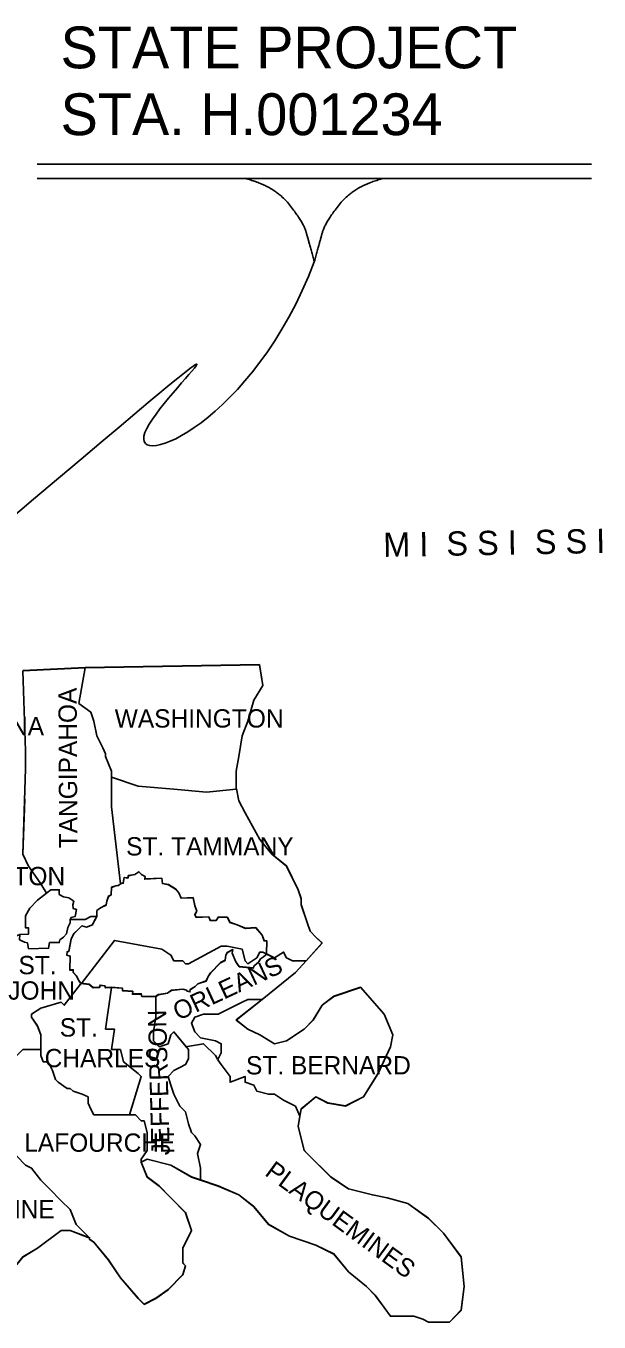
# Model space of a CAD drawing. Extents: x 0.23 to 2.82, y 0.04 to 1.79.
# Drawn here: x 2.468 to 2.6143, y 1.4148 to 1.7459 of the extents above; entities that cross this region are included whole.
import ezdxf

# ---------------------------------------------------------------- set-up
doc = ezdxf.new("R2010")
doc.units = 0
for name, color, linetype in [('Annotation', 7, 'Continuous'), ('Dist02', 7, 'Continuous'), ('Dist62', 7, 'Continuous'), ('Standard Info', 7, 'Continuous')]:
    doc.layers.add(name, color=color, linetype=linetype)

msp = doc.modelspace()

# ---------------------------------------------------------------- linework, layer by layer
at = {"layer": 'Annotation'}
for p, q in [((2.47085, 1.7106), (2.6123, 1.7106)), ((2.47085, 1.7069), (2.6123, 1.7069)), ((2.52387, 1.7069), (2.55928, 1.7069))]:
    msp.add_line(p, q, dxfattribs=at)
for points, degree in [([(2.54158, 1.68565), (2.54013, 1.69098), (2.53877, 1.69574), (2.53134, 1.70508), (2.52387, 1.7069)], 2), ([(2.55928, 1.7069), (2.55181, 1.70508), (2.54438, 1.69574), (2.54302, 1.69098), (2.54158, 1.68565)], 2), ([(2.54158, 1.68565), (2.52602, 1.64446), (2.46291, 1.61901), (2.54158, 1.68565), (2.46291, 1.61901)], 3)]:
    msp.add_open_spline(points, degree=degree, dxfattribs=at)
at = {"layer": 'Dist02'}
for points in [[(2.5294, 1.50908), (2.52924, 1.50867), (2.52865, 1.50808), (2.52782, 1.50758), (2.5274, 1.50692), (2.52615, 1.50575), (2.52607, 1.50533), (2.5224, 1.50567), (2.52157, 1.50683), (2.52065, 1.50908), (2.52074, 1.51), (2.51932, 1.50925), (2.51899, 1.50858), (2.51882, 1.50725), (2.51765, 1.50667), (2.51507, 1.504), (2.51449, 1.50308), (2.51399, 1.502), (2.51182, 1.50125), (2.51115, 1.5005), (2.5099, 1.49975), (2.50982, 1.49925), (2.50915, 1.49933), (2.50899, 1.49958), (2.50799, 1.49983), (2.50515, 1.49958), (2.50407, 1.49883), (2.50182, 1.4985), (2.50115, 1.49808)], [(2.53949, 1.50708), (2.53599, 1.50708), (2.53449, 1.50783), (2.53374, 1.50933), (2.5314, 1.50783), (2.5294, 1.50892)], [(2.53674, 1.50408), (2.53949, 1.50708)], [(2.52824, 1.49725), (2.53674, 1.50408)], [(2.4819, 1.50117), (2.47774, 1.49575), (2.47699, 1.4965), (2.47174, 1.495), (2.4694, 1.4935), (2.4694, 1.49275), (2.4709, 1.4905), (2.47174, 1.48817), (2.47174, 1.48442)], [(2.48982, 1.50033), (2.48824, 1.50025), (2.48807, 1.50075), (2.4869, 1.50092), (2.48674, 1.50033), (2.48515, 1.50025), (2.48407, 1.50117), (2.48199, 1.50142)], [(2.50115, 1.49808), (2.49757, 1.498), (2.4974, 1.49867), (2.49515, 1.49867), (2.49524, 1.49933), (2.49265, 1.4995), (2.49265, 1.50008), (2.48982, 1.50033)], [(2.5379, 1.4675), (2.53824, 1.46933), (2.54199, 1.47233), (2.54507, 1.47083), (2.54957, 1.47008), (2.55415, 1.47233), (2.5579, 1.47842), (2.56099, 1.48517), (2.56165, 1.48817), (2.5594, 1.4935), (2.5534, 1.50033), (2.54657, 1.49808), (2.54357, 1.49575), (2.54132, 1.492), (2.53899, 1.48967), (2.53449, 1.48667), (2.5314, 1.48592), (2.52765, 1.48817), (2.52465, 1.48967), (2.52165, 1.492), (2.52824, 1.49725)], [(2.47174, 1.48442), (2.46715, 1.48442), (2.46565, 1.48292), (2.4649, 1.48442), (2.4634, 1.48442), (2.46182, 1.48367), (2.45882, 1.48292), (2.45732, 1.48442), (2.45582, 1.48517), (2.45357, 1.48517), (2.44599, 1.48517), (2.44599, 1.48367), (2.44299, 1.48067), (2.44215, 1.47908), (2.44215, 1.47683), (2.44065, 1.47458), (2.4384, 1.47083), (2.4369, 1.4685)], [(2.51257, 1.45117), (2.51707, 1.44967), (2.52232, 1.44733), (2.52615, 1.44433), (2.5299, 1.43983), (2.53524, 1.43675), (2.54199, 1.4345), (2.54657, 1.43225), (2.55032, 1.42767), (2.5549, 1.42392), (2.55715, 1.42167), (2.5594, 1.41858), (2.56099, 1.41633), (2.56315, 1.41633), (2.56549, 1.41633), (2.56699, 1.41633), (2.56924, 1.41558), (2.57074, 1.41483), (2.57607, 1.41483), (2.57907, 1.41792), (2.57982, 1.42392), (2.57907, 1.4315), (2.57457, 1.43758), (2.57074, 1.44133), (2.56549, 1.44508), (2.56015, 1.44658), (2.5564, 1.44733), (2.55032, 1.44883), (2.54582, 1.45192), (2.53974, 1.45792), (2.53899, 1.45875), (2.53749, 1.46475), (2.5379, 1.46742)], [(2.48407, 1.43608), (2.48532, 1.43525), (2.48907, 1.43075), (2.49207, 1.42617), (2.49665, 1.42092), (2.49815, 1.41942), (2.50115, 1.42092), (2.50424, 1.42317), (2.50799, 1.427), (2.50874, 1.42917), (2.50799, 1.43), (2.50799, 1.43375), (2.51024, 1.43825), (2.50874, 1.44283), (2.50499, 1.44658), (2.50199, 1.44967), (2.4989, 1.45192), (2.4974, 1.45567)], [(2.4974, 1.45567), (2.4989, 1.45642), (2.50499, 1.45492), (2.51024, 1.45192), (2.51257, 1.45117)], [(2.41574, 1.43492), (2.41799, 1.43225), (2.42782, 1.4285), (2.43465, 1.42617), (2.44449, 1.42167), (2.44749, 1.42167), (2.45432, 1.42242), (2.45582, 1.42317), (2.46115, 1.42542), (2.46415, 1.42767), (2.46715, 1.4315), (2.4709, 1.43375), (2.47699, 1.43825), (2.47924, 1.43825), (2.48424, 1.43633)]]:
    msp.add_lwpolyline(points, dxfattribs=at)
at = {"layer": 'Dist62'}
for p, q in [((2.48307, 1.582), (2.52757, 1.58275)), ((2.46715, 1.58125), (2.48307, 1.582))]:
    msp.add_line(p, q, dxfattribs=at)
for points in [[(2.52757, 1.58275), (2.5284, 1.57742), (2.52615, 1.57367), (2.52465, 1.56833), (2.52315, 1.56458), (2.52232, 1.55925), (2.52165, 1.5555), (2.52165, 1.551)], [(2.52174, 1.551), (2.52232, 1.548), (2.5239, 1.54492), (2.52765, 1.53808), (2.53074, 1.53433), (2.53449, 1.53133), (2.53749, 1.52525), (2.53824, 1.523), (2.53824, 1.5215), (2.53974, 1.51692), (2.54049, 1.51467), (2.54199, 1.51317), (2.54357, 1.51167), (2.53949, 1.50708)], [(2.5294, 1.50908), (2.52949, 1.51217), (2.52874, 1.51225), (2.52824, 1.51367), (2.52665, 1.51558), (2.52399, 1.51542), (2.5219, 1.51625), (2.51999, 1.517), (2.5194, 1.51825), (2.51715, 1.51833), (2.51657, 1.51742), (2.51499, 1.5175), (2.51465, 1.51833), (2.5114, 1.51825), (2.51107, 1.51892), (2.51157, 1.51975), (2.51107, 1.52125), (2.51065, 1.52325), (2.50757, 1.52308), (2.50699, 1.5245), (2.50615, 1.5255), (2.5044, 1.52658), (2.50282, 1.52683), (2.50265, 1.52817), (2.49832, 1.528), (2.4984, 1.52867), (2.49749, 1.52917), (2.49682, 1.52983), (2.49574, 1.52917), (2.49415, 1.52892), (2.49399, 1.52833), (2.49307, 1.52842), (2.49282, 1.527), (2.49207, 1.52675)], [(2.49207, 1.52675), (2.49165, 1.52642), (2.4909, 1.52625), (2.48982, 1.52592), (2.48974, 1.52392), (2.48907, 1.52358), (2.48865, 1.52233), (2.48849, 1.52142), (2.48699, 1.52067), (2.48607, 1.51992), (2.48607, 1.51842)], [(2.48607, 1.51842), (2.48549, 1.51742), (2.48499, 1.51633), (2.4834, 1.51567), (2.48224, 1.516), (2.48149, 1.51525), (2.48024, 1.51408), (2.47949, 1.51275), (2.4789, 1.50958), (2.47849, 1.50942), (2.4784, 1.50858), (2.47924, 1.50833), (2.47915, 1.50483), (2.48007, 1.50483), (2.48007, 1.50417), (2.4809, 1.50325), (2.48149, 1.50208), (2.48199, 1.50142)], [(2.53949, 1.50708), (2.53599, 1.50708), (2.53449, 1.50783), (2.53374, 1.50933), (2.5314, 1.50783), (2.5294, 1.50892)], [(2.4819, 1.50117), (2.47774, 1.49575), (2.47699, 1.4965), (2.47174, 1.495), (2.4694, 1.4935), (2.4694, 1.49275), (2.4709, 1.4905), (2.47174, 1.48817), (2.47174, 1.48442)], [(2.47174, 1.48442), (2.46715, 1.48442), (2.46565, 1.48292), (2.4649, 1.48442), (2.4634, 1.48442), (2.46182, 1.48367), (2.46115, 1.4835)]]:
    msp.add_lwpolyline(points, dxfattribs=at)
at = {"layer": 'Standard Info'}
for p, q in [((2.48307, 1.58192), (2.52757, 1.58267)), ((2.46715, 1.58117), (2.48307, 1.58192)), ((2.52165, 1.55092), (2.52174, 1.551)), ((2.50882, 1.48517), (2.50874, 1.48517)), ((2.51699, 1.48183), (2.51707, 1.48208))]:
    msp.add_line(p, q, dxfattribs=at)
for points in [[(2.52757, 1.58267), (2.5284, 1.57742), (2.52615, 1.57367), (2.52465, 1.56833), (2.52315, 1.56458), (2.52232, 1.55925), (2.52165, 1.5555), (2.52165, 1.55092)], [(2.47324, 1.52442), (2.47324, 1.52442), (2.47174, 1.52675), (2.47024, 1.529), (2.46865, 1.53125), (2.46715, 1.53433), (2.4679, 1.55625), (2.4679, 1.56075), (2.46715, 1.58117)], [(2.48307, 1.58192), (2.48149, 1.57283), (2.48457, 1.57058), (2.48532, 1.56833), (2.48607, 1.56458), (2.48757, 1.5615), (2.48832, 1.56), (2.48832, 1.55925), (2.48982, 1.5555), (2.48982, 1.54642), (2.49207, 1.52675)], [(2.48982, 1.554), (2.48982, 1.5555), (2.48832, 1.55925), (2.48832, 1.56), (2.48757, 1.5615), (2.48607, 1.56458), (2.48532, 1.56833), (2.48457, 1.57058), (2.48149, 1.57283), (2.48307, 1.58192)], [(2.52165, 1.55092), (2.51407, 1.55017), (2.50574, 1.55092), (2.49665, 1.55167), (2.48982, 1.554)], [(2.49207, 1.52675), (2.48982, 1.54642), (2.48982, 1.554)], [(2.48982, 1.554), (2.49665, 1.55167), (2.50574, 1.55092), (2.51407, 1.55017), (2.52165, 1.55092)], [(2.52174, 1.551), (2.52232, 1.54792), (2.5239, 1.54492), (2.52765, 1.53808), (2.53074, 1.53433), (2.53449, 1.53125), (2.53749, 1.52525), (2.53824, 1.52292), (2.53824, 1.52142), (2.53974, 1.51692), (2.54049, 1.51467), (2.54199, 1.51317), (2.54357, 1.51158), (2.53949, 1.50708)], [(2.46765, 1.54842), (2.46715, 1.53433), (2.46865, 1.53125), (2.47024, 1.529), (2.47174, 1.52675), (2.47324, 1.52442)], [(2.5294, 1.509), (2.52949, 1.51208), (2.52874, 1.51217), (2.52824, 1.51367), (2.52665, 1.5155), (2.52399, 1.51533), (2.5219, 1.51625), (2.51999, 1.51692), (2.5194, 1.51817), (2.51715, 1.51825), (2.51657, 1.51742), (2.51499, 1.51742), (2.51465, 1.51833), (2.5114, 1.51817), (2.51107, 1.51883), (2.51157, 1.51975), (2.51107, 1.52117), (2.51065, 1.52317), (2.50757, 1.52308), (2.50699, 1.5245), (2.50615, 1.52542), (2.5044, 1.5265), (2.50282, 1.52683), (2.50265, 1.52817), (2.49832, 1.52792), (2.4984, 1.52867), (2.49749, 1.52917), (2.49682, 1.52983), (2.49574, 1.52917), (2.49415, 1.52883), (2.49399, 1.52825), (2.49307, 1.52842), (2.49282, 1.52692), (2.49207, 1.52675)], [(2.49207, 1.52675), (2.49165, 1.52633), (2.4909, 1.52625), (2.48982, 1.52583), (2.48974, 1.52392), (2.48907, 1.5235), (2.48865, 1.52233), (2.48849, 1.52133), (2.48699, 1.52067), (2.48607, 1.51992), (2.48607, 1.51842)], [(2.47324, 1.52442), (2.4709, 1.52258), (2.46899, 1.52058), (2.46782, 1.51858), (2.4679, 1.5155), (2.46865, 1.5155), (2.46865, 1.51392), (2.4664, 1.51383), (2.46265, 1.51233)], [(2.47924, 1.51767), (2.47949, 1.51817), (2.48057, 1.51842), (2.4809, 1.52017), (2.48007, 1.52042), (2.4799, 1.52142), (2.48024, 1.52233), (2.4789, 1.52317), (2.47757, 1.52342), (2.47649, 1.52408), (2.47649, 1.52525), (2.47432, 1.52525), (2.47324, 1.52442)], [(2.4664, 1.51383), (2.46632, 1.5125), (2.46757, 1.51183), (2.4684, 1.51167), (2.46865, 1.51017), (2.47374, 1.51033), (2.47399, 1.51175), (2.47649, 1.51175), (2.47665, 1.51242), (2.47757, 1.51317), (2.47832, 1.514), (2.47865, 1.51558), (2.47924, 1.51683), (2.47924, 1.51767)], [(2.48607, 1.51842), (2.48549, 1.51733), (2.48499, 1.51625), (2.4834, 1.51567), (2.48224, 1.516), (2.48149, 1.51525), (2.48024, 1.514), (2.47949, 1.51267), (2.4789, 1.5095), (2.47849, 1.50942), (2.4784, 1.50858), (2.47924, 1.50833), (2.47915, 1.50475), (2.48007, 1.50475), (2.48007, 1.50408), (2.4809, 1.50317), (2.48149, 1.502), (2.48199, 1.50133)], [(2.48607, 1.51842), (2.48457, 1.51842), (2.48307, 1.51767), (2.47924, 1.51767)], [(2.47924, 1.51767), (2.48307, 1.51767), (2.48457, 1.51842), (2.48607, 1.51842)], [(2.48207, 1.50125), (2.49057, 1.51233), (2.50265, 1.51008), (2.50499, 1.50858), (2.50574, 1.50708), (2.50799, 1.50708), (2.50874, 1.50633), (2.50949, 1.50633), (2.51782, 1.51083), (2.51932, 1.51083), (2.52315, 1.51008), (2.5239, 1.50708), (2.52465, 1.50633), (2.5269, 1.50783), (2.52765, 1.50933), (2.5284, 1.50933), (2.52932, 1.50892)], [(2.48207, 1.50125), (2.49057, 1.51233), (2.50265, 1.51008), (2.50499, 1.50858), (2.50574, 1.50708), (2.50799, 1.50708), (2.50874, 1.50633), (2.50949, 1.50633), (2.51782, 1.51083), (2.51932, 1.51083), (2.52315, 1.51008), (2.5239, 1.50708), (2.52465, 1.50633), (2.5269, 1.50783), (2.52765, 1.50933), (2.5284, 1.50933), (2.52932, 1.50892)], [(2.50115, 1.498), (2.50182, 1.49842), (2.50407, 1.49883), (2.50515, 1.4995), (2.50799, 1.49983), (2.50899, 1.49958), (2.50915, 1.49933), (2.50982, 1.49917), (2.5099, 1.49967), (2.51115, 1.5005), (2.51182, 1.50125), (2.51399, 1.50192), (2.51449, 1.50308), (2.51507, 1.50392), (2.51765, 1.50658), (2.51882, 1.50717), (2.51899, 1.50858), (2.51932, 1.50917), (2.52074, 1.51), (2.52065, 1.50908), (2.52157, 1.50683), (2.5224, 1.50558), (2.52607, 1.50525), (2.52615, 1.50575), (2.5274, 1.50683), (2.52782, 1.50758), (2.52865, 1.50808), (2.52924, 1.50867), (2.5294, 1.509)], [(2.5294, 1.50883), (2.5314, 1.50783), (2.53374, 1.50933), (2.53449, 1.50783), (2.53599, 1.50708), (2.53949, 1.50708)], [(2.53899, 1.50708), (2.53599, 1.50708), (2.53449, 1.50783), (2.53374, 1.50933), (2.5314, 1.50783), (2.5294, 1.50883)], [(2.53949, 1.50708), (2.53674, 1.50408)], [(2.53674, 1.50408), (2.52824, 1.49725)], [(2.4819, 1.50117), (2.47774, 1.49575), (2.47699, 1.4965), (2.47174, 1.495), (2.4694, 1.4935), (2.4694, 1.49267), (2.4709, 1.49042), (2.47174, 1.48817), (2.47174, 1.48442)], [(2.47174, 1.48442), (2.47174, 1.48817), (2.4709, 1.49042), (2.4694, 1.49267), (2.4694, 1.4935), (2.47174, 1.495), (2.47699, 1.4965), (2.47774, 1.49575), (2.4819, 1.50117)], [(2.48199, 1.50133), (2.48407, 1.50108), (2.48515, 1.50017), (2.48674, 1.50025), (2.4869, 1.50083), (2.48807, 1.50075), (2.48824, 1.50017), (2.48982, 1.50025)], [(2.48982, 1.50025), (2.48832, 1.48967), (2.49057, 1.48967), (2.48982, 1.48442), (2.49207, 1.48442), (2.4929, 1.48133), (2.49665, 1.47833), (2.4974, 1.47758), (2.4944, 1.46775)], [(2.4944, 1.46775), (2.4974, 1.47758), (2.49665, 1.47833), (2.4929, 1.48133), (2.49207, 1.48442), (2.48982, 1.48442), (2.49057, 1.48967), (2.48832, 1.48967), (2.48982, 1.50025)], [(2.48982, 1.50025), (2.49265, 1.50008), (2.49265, 1.49942), (2.49524, 1.49925), (2.49515, 1.49858), (2.4974, 1.49858), (2.49757, 1.498), (2.50115, 1.498)], [(2.52824, 1.49725), (2.52165, 1.49192), (2.52465, 1.48967), (2.52765, 1.48817), (2.5314, 1.48592), (2.53449, 1.48667), (2.53899, 1.48967), (2.54132, 1.49192), (2.54357, 1.49575), (2.54657, 1.498), (2.5534, 1.50025), (2.5594, 1.4935), (2.56165, 1.48817), (2.56099, 1.48517), (2.5579, 1.47833), (2.55415, 1.47233), (2.54957, 1.47), (2.54507, 1.47075), (2.54199, 1.47233), (2.53824, 1.46925), (2.5379, 1.46742)], [(2.50115, 1.498), (2.50115, 1.49267), (2.50049, 1.48892), (2.50049, 1.48667), (2.50199, 1.48517), (2.50424, 1.48592), (2.50499, 1.48817), (2.50574, 1.48892), (2.50949, 1.48442), (2.50949, 1.48208), (2.50874, 1.48058), (2.50724, 1.47983), (2.50574, 1.47908), (2.50424, 1.47758), (2.50499, 1.47533), (2.50574, 1.473), (2.50724, 1.47), (2.50874, 1.4685), (2.50949, 1.4655), (2.51024, 1.46325), (2.51107, 1.46242), (2.51257, 1.46017), (2.51174, 1.45792), (2.51257, 1.45417), (2.51257, 1.45108)], [(2.5089, 1.48517), (2.50574, 1.48892), (2.50499, 1.48817), (2.50424, 1.48592), (2.50199, 1.48517), (2.50049, 1.48667), (2.50049, 1.48892), (2.50115, 1.49267), (2.50115, 1.498)], [(2.52824, 1.49725), (2.52615, 1.49725), (2.52465, 1.49725), (2.52315, 1.4965), (2.52007, 1.495), (2.51707, 1.4935), (2.51332, 1.4935), (2.51107, 1.49267), (2.51024, 1.49117), (2.51107, 1.48892), (2.51257, 1.48742), (2.51632, 1.48667), (2.51782, 1.48592), (2.51782, 1.48358), (2.51707, 1.48208)], [(2.51707, 1.48208), (2.51782, 1.48358), (2.51782, 1.48592), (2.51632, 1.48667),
======
> Instructions for the task: Lines from the start of the material through the line containing "layer by layer" are to be restated word for word; no picture may be included.

> Exercise response:
# Model space of a CAD drawing. Extents: x 0.23 to 2.82, y 0.04 to 1.79.
# Drawn here: x 2.468 to 2.6143, y 1.4148 to 1.7459 of the extents above; entities that cross this region are included whole.
import ezdxf

# ---------------------------------------------------------------- set-up
doc = ezdxf.new("R2010")
doc.units = 0
for name, color, linetype in [('Annotation', 7, 'Continuous'), ('Dist02', 7, 'Continuous'), ('Dist62', 7, 'Continuous'), ('Standard Info', 7, 'Continuous')]:
    doc.layers.add(name, color=color, linetype=linetype)

msp = doc.modelspace()

# ---------------------------------------------------------------- linework, layer by layer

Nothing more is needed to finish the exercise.